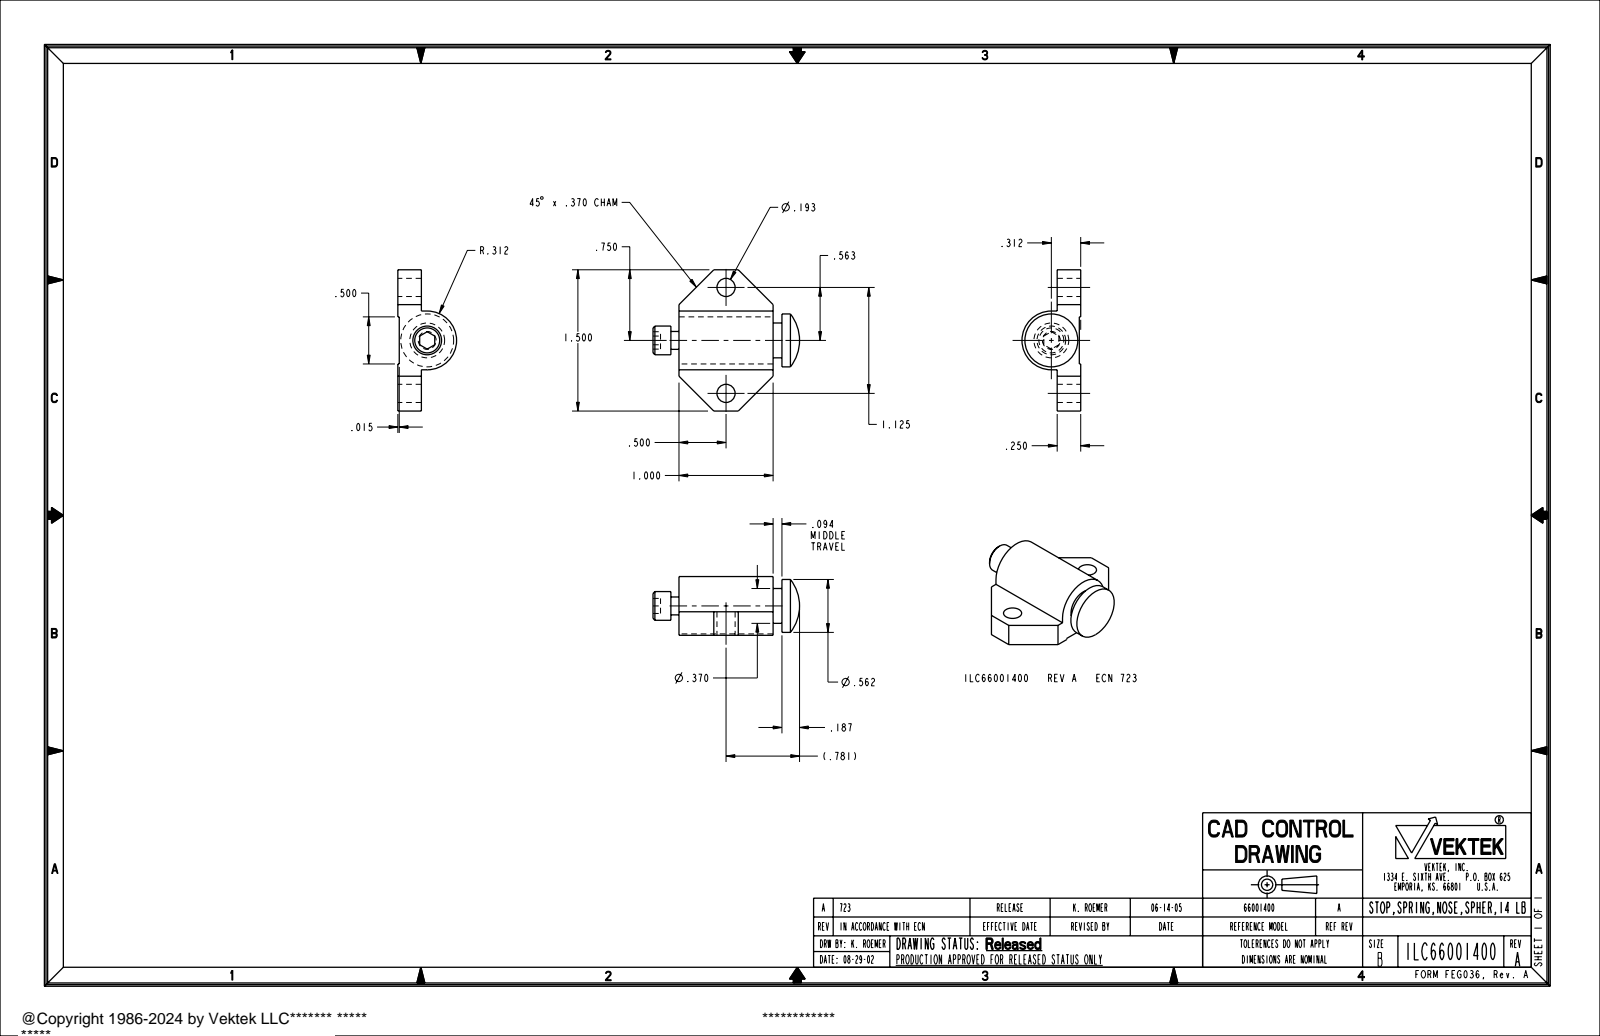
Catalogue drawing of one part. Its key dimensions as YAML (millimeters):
part_name: "ILC66001400"
step_written_by: "PRO/ENGINEER BY PARAMETRIC TECHNOLOGY CORPORATION, 2004290 (AUTOMOTIVE_DESIGN_CC2)"
units: millimeters
bodies: {solids: 1, faces: 44, planar: 27, cylindrical: 13, other: 4}
overall_size: [39.5, 38.1, 15.8]
volume: 8770
surface_area: 3538
round_holes:
  - {diameter: 4.9, count: 2}
round_bosses_or_shafts:
  - {diameter: 14.3, count: 1}
  - {diameter: 9.4, count: 1}
  - {diameter: 7.7, count: 1}
  - {diameter: 4.8, count: 1}
partial_cylinders:
  - {radius: 7.9, count: 1}
face_to_face_distances: [6.4, 0.4, 6, 25.4, 31.6, 2.4, 27.8, 11.1, 27, 38.1]
hole_center_spacings: [28.6]
★ ★ ★ ★ ★
### [Your task]
When you repeat the listing, keep it exact and leave the pictures behind.

### [Task solution]
Catalogue drawing of one part. Its key dimensions as YAML (millimeters):
part_name: "ILC66001400"
step_written_by: "PRO/ENGINEER BY PARAMETRIC TECHNOLOGY CORPORATION, 2004290 (AUTOMOTIVE_DESIGN_CC2)"
units: millimeters
bodies: {solids: 1, faces: 44, planar: 27, cylindrical: 13, other: 4}
overall_size: [39.5, 38.1, 15.8]
volume: 8770
surface_area: 3538
round_holes:
  - {diameter: 4.9, count: 2}
round_bosses_or_shafts:
  - {diameter: 14.3, count: 1}
  - {diameter: 9.4, count: 1}
  - {diameter: 7.7, count: 1}
  - {diameter: 4.8, count: 1}
partial_cylinders:
  - {radius: 7.9, count: 1}
face_to_face_distances: [6.4, 0.4, 6, 25.4, 31.6, 2.4, 27.8, 11.1, 27, 38.1]
hole_center_spacings: [28.6]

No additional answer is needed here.